Die befragten Mütter wurden darum gebeten anzugeben, welche Unterstützungsmaßnahmen sie regelmäßig in Anspruch nehmen (vgl. Tabelle 2). Hierbei wurden interne, externe und therapeutische Unterstützungen unterschieden. Unter den internen Unterstützungen wurden größtenteils die Familie (60%) und Freunde (31%) genannt, aber auch der Vater des Kindes / der Kinder (19.5%) oder der neue Partner (11.2%). 22% der Mütter gaben an, keine interne Unterstützung zu erhalten. Zu den externen Unterstützungsinstanzen zählten Therapieangebote, welche 36.3% der alleinerziehenden Mütter in Anspruch nahmen, Unterstützung durch eine Kinderbetreuung (31.9%) oder auch im Haushalt (9%) (Keine externe Unterstützung: 39.2%).
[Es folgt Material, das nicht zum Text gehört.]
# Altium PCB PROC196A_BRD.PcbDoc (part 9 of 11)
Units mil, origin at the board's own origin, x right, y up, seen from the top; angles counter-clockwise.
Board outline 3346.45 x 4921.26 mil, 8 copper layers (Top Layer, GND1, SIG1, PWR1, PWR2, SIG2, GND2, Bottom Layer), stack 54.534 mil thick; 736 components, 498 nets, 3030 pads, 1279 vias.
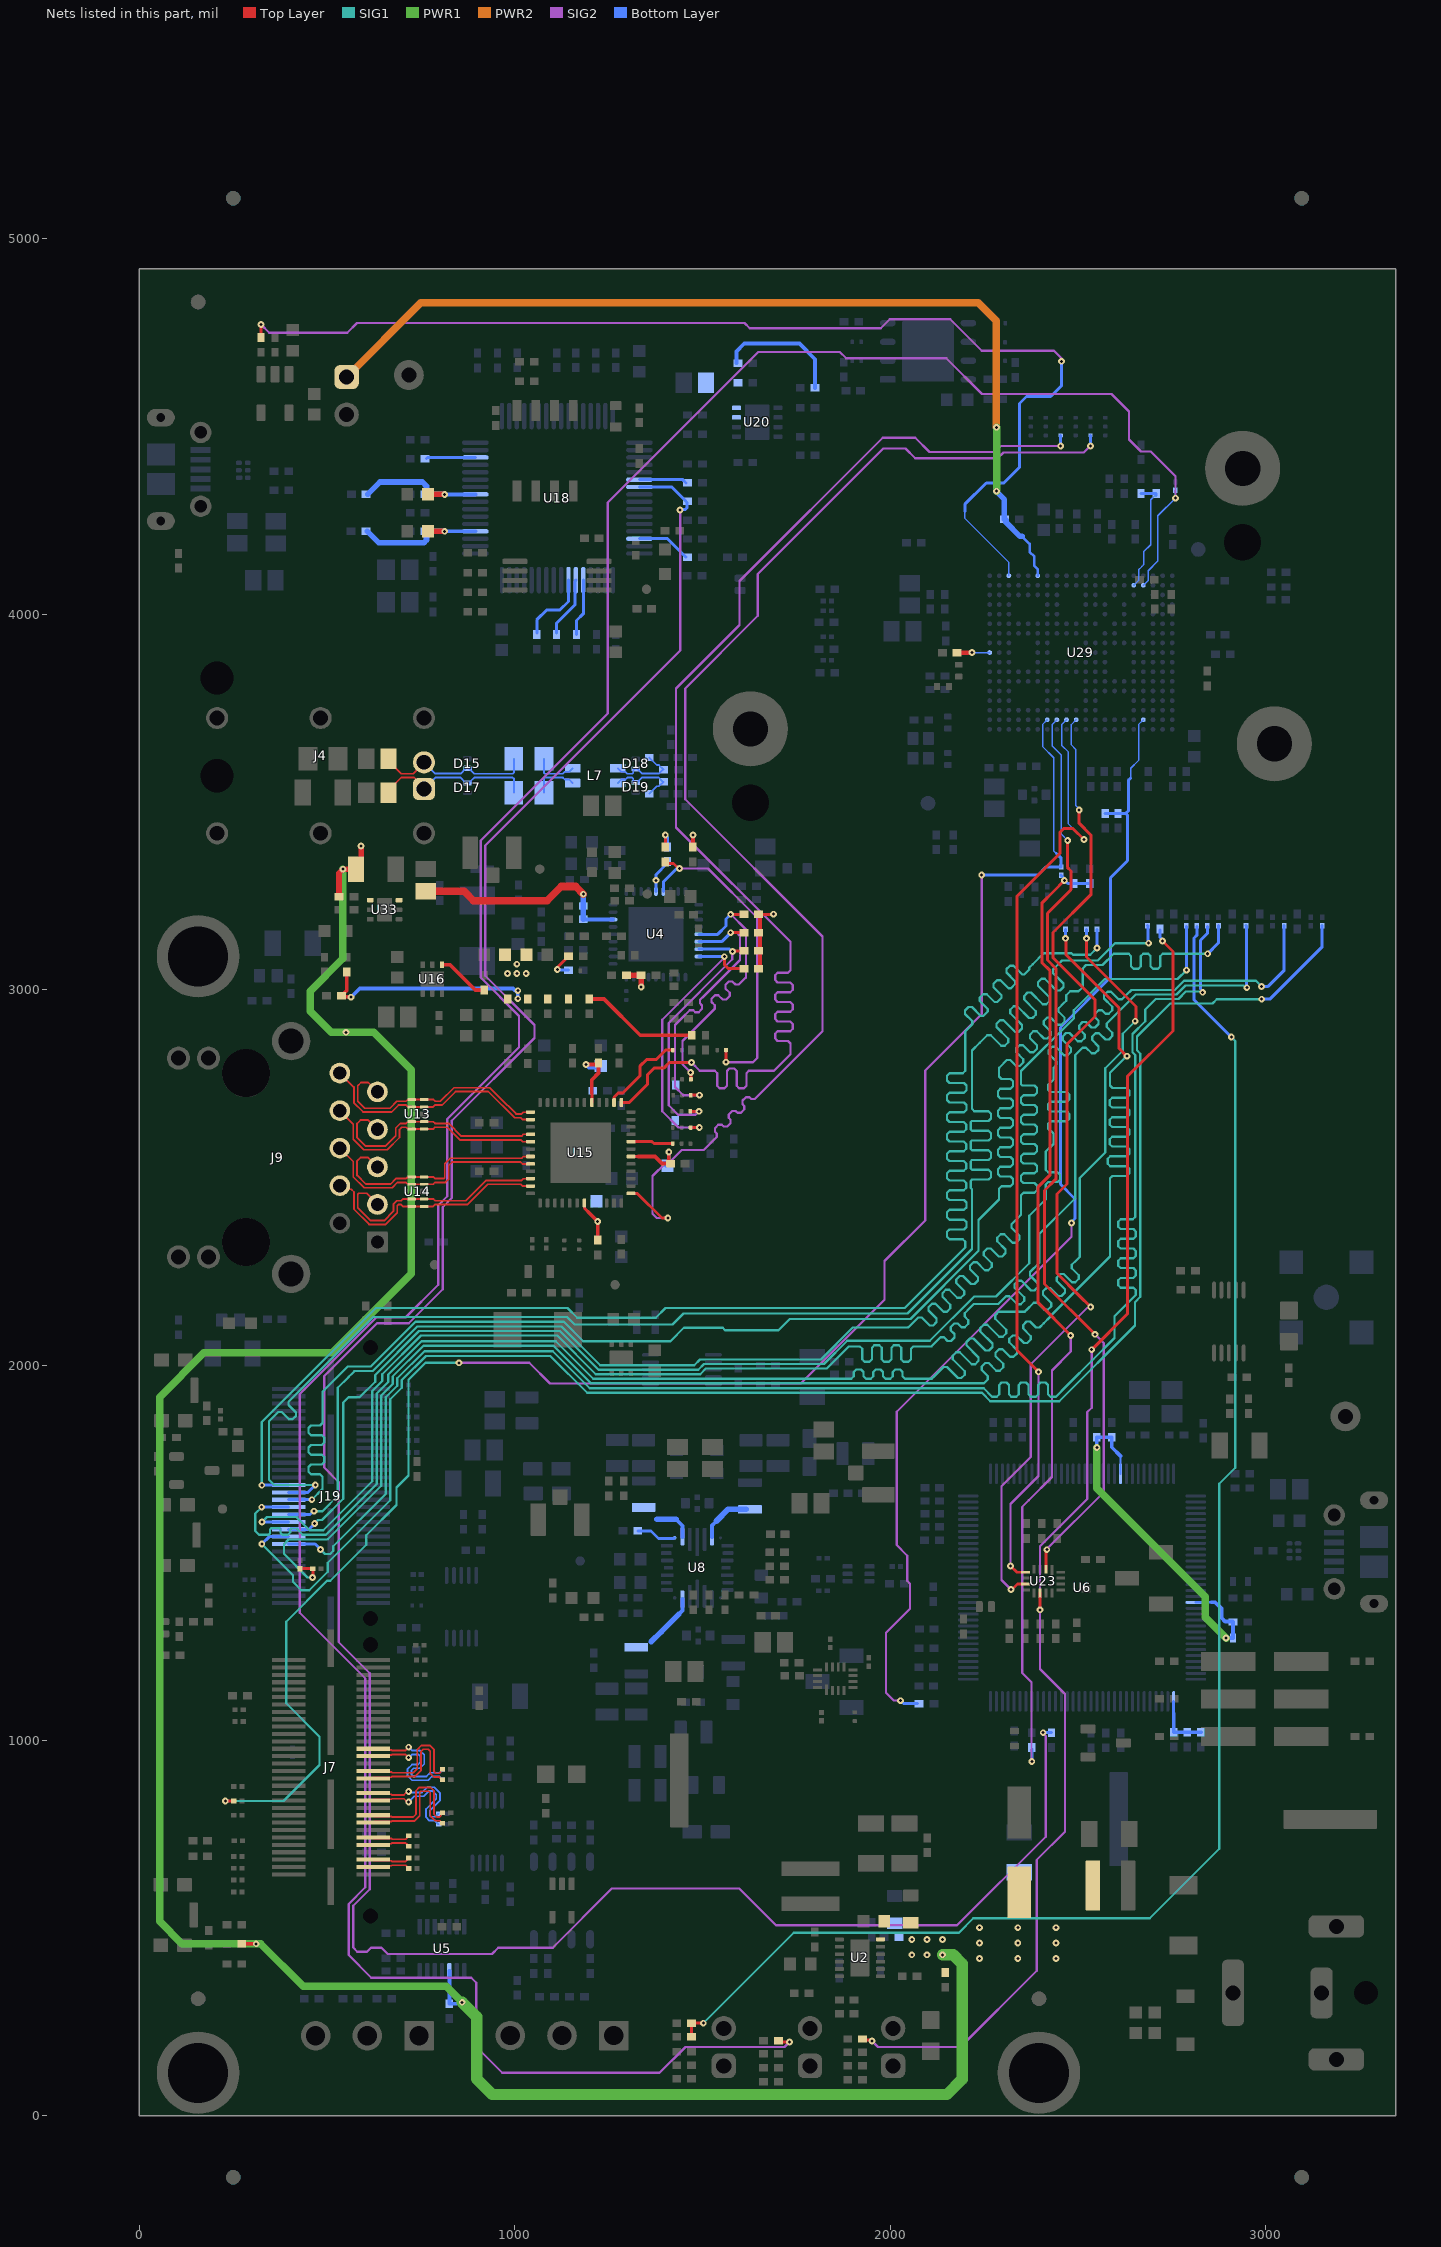
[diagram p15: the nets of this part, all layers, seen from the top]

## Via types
v1: diameter 18, hole 8, Top Layer to Bottom Layer, tented both sides, 1230 vias
v2: diameter 19.68, hole 7.87, Top Layer to Bottom Layer, 30 vias
v3: diameter 20, hole 10, Top Layer to Bottom Layer, tented both sides, 11 vias
v4: diameter 10, hole 4, SIG2 to Bottom Layer, tented both sides, 6 vias
v5: diameter 19.68, hole 7.87, Top Layer to Bottom Layer, tented both sides, 2 vias

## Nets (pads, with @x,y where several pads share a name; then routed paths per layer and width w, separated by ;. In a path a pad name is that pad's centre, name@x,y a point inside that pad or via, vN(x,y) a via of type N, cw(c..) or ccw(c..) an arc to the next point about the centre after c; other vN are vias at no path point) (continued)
RGMII_TD3: R122.2 U15.25 | length 3484.7
  Top Layer w8: U15.25@1309.79,2457.27 1326.6,2457.27 1392.29,2391.59 v1(1407.8,2391.59)
  SIG2 w6: v1(1407.8,2391.59) 1378.54,2391.59 1367,2403.13 1367,2503.47 1402.72,2539.19 1411.26,2539.19 1444.88,2572.81 1503.28,2572.81 1533.64,2603.17 1538.24,2607.77 1538.24,2616.96 1533.29,2621.91 1533.29,2631.1 1542.48,2640.29 1551.67,2640.29 1556.62,2635.34 1565.81,2635.34 1575.01,2644.53 1575.01,2653.73 1570.06,2658.68 1570.06,2667.87 1579.25,2677.06 1588.44,2677.06 1593.39,2672.11 1602.58,2672.11 1611.78,2681.3 1611.78,2690.5 1606.83,2695.45 1606.83,2704.64 1616.02,2713.83 1625.21,2713.83 1630.16,2708.88 1639.35,2708.88 1653.14,2722.67 1671.53,2741.06 1820,2889.53 1820,3141.76 1454.28,3507.48 1454.28,3802.59 1647.68,3995.99 1647.68,4107.4 1982.09,4441.81 2040.97,4441.81 2066.97,4415.81 2286.92,4415.81 2302.11,4431 2515.96,4431 v1(2533.79,4448.83)
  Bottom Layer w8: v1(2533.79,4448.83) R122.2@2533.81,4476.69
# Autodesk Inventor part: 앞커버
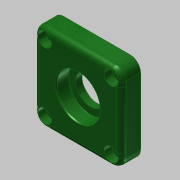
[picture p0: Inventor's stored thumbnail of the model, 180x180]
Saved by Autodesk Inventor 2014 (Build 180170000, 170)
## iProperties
Created: 2018-07
Part Number: 앞커버
Material: 알루미늄 6061
Document SubType Name: Modeling
Designer: mduedu
Density: 1 g/cm^3
Appearance: 매끄러움 - 짙은 산림 녹색
Author: mduedu
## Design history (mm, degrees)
sketch "스케치1"
  geometry: C1 r 16 at (0, 0); 1 further point
  constraints: 1 centre point, 1 coincident
  dimensions: "d0" = 32 diameter of C1
extrude "돌출1" new body sketch "스케치1" distance "d1" = 3; taper "d2" = 0 deg
sketch "스케치2"
  geometry: L1 (-25, -25)-(25, -25); L2 (25, -25)-(25, 25); L3 (25, 25)-(-25, 25); L4 (-25, 25)-(-25, -25); L5 (-25, -25)-(25, 25); L6 (25, -25)-(-25, 25); 1 further point
  constraints: 12 end point, 2 midpoint, 2 parallel, 1 horizontal, 1 perpendicular
  dimensions: "d3" = 50 distance of L3.end L2.end; "d4" = 50 distance of L2.end L1.end
extrude "돌출2" join sketch "스케치2" distance "d5" = 11; taper "d6" = 0 deg
hole "구멍1" diameter "d9" = 25; stored, may be unused: countersink angle "d13" = 90 deg, drill point angle "d15" = 0 deg; dims "d7" = 10, "d8" = 10, "d10" = 6, "d11" = 4, "d12" = 2, "d14" = 3
sketch "스케치3"
  geometry: C1 r 12.5 at (0, 0); 1 further point
  constraints: 1 centre point, 1 coincident
  dimensions: "d16" = 25 diameter of C1
extrude "돌출3" cut sketch "스케치3" distance "d17" = 7.3; taper "d18" = 0 deg
sketch "스케치4"
  geometry: C1 r 8.5 at (0, 0); 1 further point
  constraints: 1 centre point, 1 coincident
  dimensions: "d19" = 17 diameter of C1
extrude "돌출4" cut sketch "스케치4" stored distance "d20" = 7.3; taper "d21" = 0 deg
chamfer "모따기1" distance "d22" = 0.7; stored, may be unused: second distance "d23" = 2, angle "d24" = 30 deg
fillet "모깎기1" dims "d25" = 0.3
fillet "모깎기2" dims "d26" = 3
fillet "모깎기3" dims "d27" = 6
sketch "스케치5"
  geometry: L1 (25, -19)-(25, 19) reference; L2 (19, 25)-(-19, 25) reference; L3 (-25, 19)-(-25, -19) reference; L4 (-19, -25)-(19, -25) reference; C1 r 12.904 at (0, 0) reference; A1 r 6 centre (19, -19) between (19, -25) and (25, -19) reference; A2 r 6 centre (19, 19) between (25, 19) and (19, 25) reference; A3 r 6 centre (-19, 19) between (-19, 25) and (-25, 19) reference; A4 r 6 centre (-19, -19) between (-25, -19) and (-19, -25) reference; 5 further points
  constraints: 4 coincident
hole "구멍2" sketch "스케치5" at (-19, 19), (19, 19), (19, -19), (-19, -19) diameter "d28" = 4.5; stored, may be unused: countersink angle "d32" = 90 deg, drill point angle "d34" = 0 deg; dims "d29" = 6, "d30" = 8, "d31" = 4.6, "d33" = 3
fillet "모깎기4" dims "d35" = 3
chamfer "모따기2" distance "d36" = 1; stored, may be unused: second distance "d37" = 2, angle "d38" = 45 deg
node "솔리드1"
node "투영된 루프1"

Die therapeutische Unterstützung wurde noch einmal spezifischer erfragt, wobei 28.7% berichteten, eine Psychotherapie zu besuchen, 21.8% erhielten Unterstützung durch eine Erziehungsberatungsstelle, 6.4% fanden Unterstützung in Selbsthilfegruppen und 5.4% in Elterntrainings. Die Mehrheit erhielt keine therapeutische Unterstützung (63.7%).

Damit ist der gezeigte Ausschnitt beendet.